The background of the GDPR is a long and time consuming process of negotiations between the European commission, the parliament and council, not to forget uncountable lobby groups from civil rights to online marketing. It started in early 2011 to be finally adopted in Mai 2016 and went into effect on May 25th 2018. The visible effects are now annoying consent emails and popups on almost every website. The non-visible effects could bother a lot more if you are the controller for the processing of personal data in terms of GDPR. What kind of data is considered personal? Article 4 states that any information relating to a person is personal as long as it is connected to information that can (in-)directly identify that person. That could easily include sensor data close to workers, especially if audio or image data is processed. The effort you have to spend in order to act in compliance with GDPR, highly depends on which, how and how much data you are processing. Therefore you must take care of privacy already at design level.

In very short you have two options:

  1. Anonymise the data, which is not easy at first, but the better choice if possible.
  2. Reduce the data to what is essential, pseudonymise where possible and get a free and informed consent for every non-essential process.

Anonymisation means, that you have to cut everything from your data that links it to a particular person. Afterwards you must not be able to identify any person anymore. Pseudonymisation is similar, but a link is remained at a different place. That might be a number or an ID of which you hold a map to real names in a database that has stricter access. The essential of the data depends on the legal basis (Art. 5–6) and the exact purpose of the processing. Example: In order to control an automated door for arbitrary persons with a video camera, it is necessary to detect but not identify the persons. You would need their consent for the latter. If you plan to use it for bio-metrical authentication, that would be legal but does not give you the implicit possibility to track the mood of your employees.

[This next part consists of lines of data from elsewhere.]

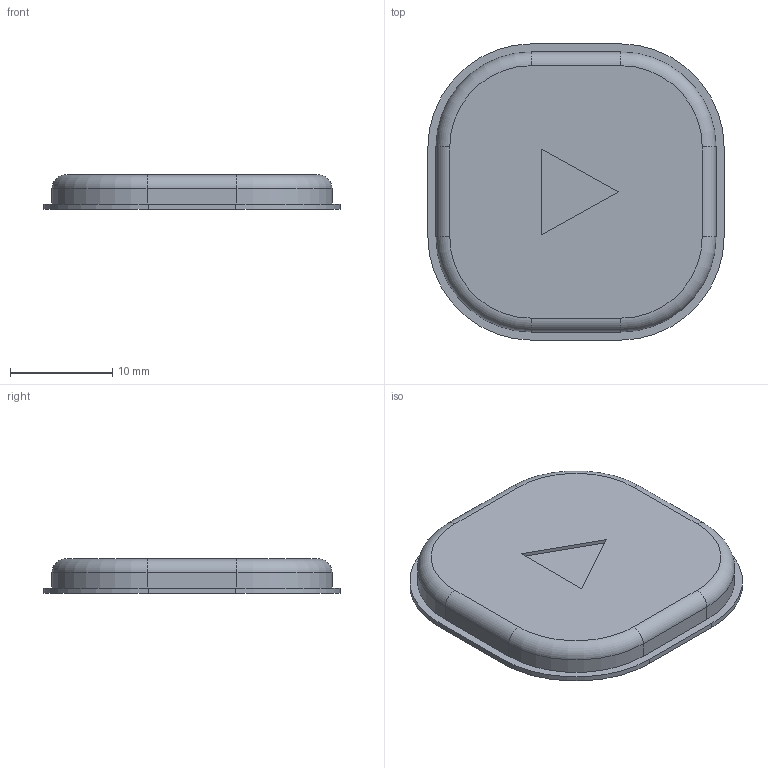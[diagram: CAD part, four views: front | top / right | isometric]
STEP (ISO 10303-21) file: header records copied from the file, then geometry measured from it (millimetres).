
FILE_DESCRIPTION(('Open CASCADE Model'),'2;1');
FILE_NAME('Open CASCADE Shape Model','2026-09-08T12:38:13',('Author'),( 'Open CASCADE'),'Open CASCADE STEP processor 7.7','Open CASCADE 7.7' ,'Unknown');
FILE_SCHEMA(('AUTOMOTIVE_DESIGN { 1 0 10303 214 1 1 1 1 }'));
Length unit declared in the file: millimetre
Products named in the file (1): Open CASCADE STEP translator 7.7 5
Bounding box: 29 x 29 x 3.35 mm (x, y, z)
Volume: 2056.4 mm3; surface area: 1810.7 mm2
Topology: 1 solids, 1 shells, 42 faces, 100 edges, 64 vertices
Faces by surface type: plane 21, cylinder 17, torus 4
Full cylindrical faces by diameter (mm): 5 x1
Entity records: 2555 total; most frequent: CARTESIAN_POINT 461, DIRECTION 415, LINE 236, VECTOR 236, ORIENTED_EDGE 200, PCURVE 200, DEFINITIONAL_REPRESENTATION 200, EDGE_CURVE 100
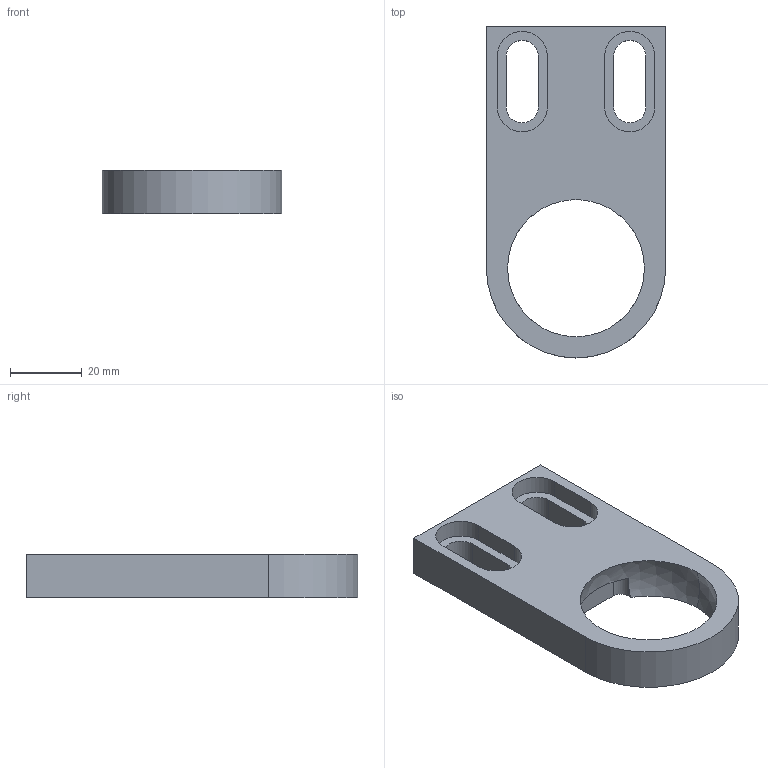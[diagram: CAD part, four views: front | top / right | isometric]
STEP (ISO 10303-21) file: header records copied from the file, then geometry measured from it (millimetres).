
FILE_DESCRIPTION (( 'STEP AP203' ), '1' );
FILE_NAME ('084.802.013-2.STEP', '2013-01-29T13:40:58', ( 'Alusic' ), ( 'Alusic' ), 'SwSTEP 2.0', 'SolidWorks 2011', '' );
FILE_SCHEMA (( 'CONFIG_CONTROL_DESIGN' ));
Length unit declared in the file: millimetre
Products named in the file (1): 084.802.013-2
Bounding box: 50 x 92.5 x 12 mm (x, y, z)
Volume: 31181.9 mm3; surface area: 11842.9 mm2
Topology: 1 solids, 1 shells, 38 faces, 106 edges, 70 vertices
Faces by surface type: plane 23, cylinder 13, sphere 2
Entity records: 1299 total; most frequent: CARTESIAN_POINT 221, DIRECTION 216, ORIENTED_EDGE 204, EDGE_CURVE 102, AXIS2_PLACEMENT_3D 79, VERTEX_POINT 68, LINE 58, VECTOR 58

Some further aspects should also be respected in design:

  1. Is the data of a special category? That means for example data concerning health, from children or with political opinions of a person? Therefore the purpose must match one of the given exceptions from Article 9 (2) or get an explicit consent. It then must be taken care of further constraints and obligations (in following articles).
  2. Who is the controller of the processing? Her/he will be responsible for the processing and must be well informed about it. The controller will also be stated on any document handed to authorities and data subjects.
  3. Will your processing require a Data Protection Impact Assessment (Article 35)? If it cannot be avoided, this puts a lot more research, testing and documentation into your process.
Flowchart for actions regarding GDPR compliance. © 2018, GESTALT Robotics

So far, what did we learn out of this? The GDPR is not forbidding the use of modern technology at your production site and robots with modern technology. It just forces you to define its purpose and use your technology only that if humans are part of your process. This prevents data of being misused and guarantees that companies treat the privacy respectfully.

In part 2 we will get more into detail with a factory scenario and two particular collaborative use-cases. It might help you to analyse your own process and find the legal requirements for it.


Disclaimer and Acknowledgement

The presented statements and analysis towards the GDPR was made on basis of the legal text and further literature research as well as simplifying assumptions. Some precise interpretation will only be found in court unfortunately. In addition, it should be noted that the authors
do not have any legal education and therefore this is not a legal advice and there are no claims to made. For a productive implementation of similar scenarios, we recommend to consult legal advice.

This article is based on the scientific paper from Tom Kittmann, Jens Lambrecht and Christian Horn: A privacy-aware distributed software architecture for automation services in compliance with GDPR. It was published in the context of the IEEE ETFA 2018 (International Conference on Emerging Technologies and Factory Automation).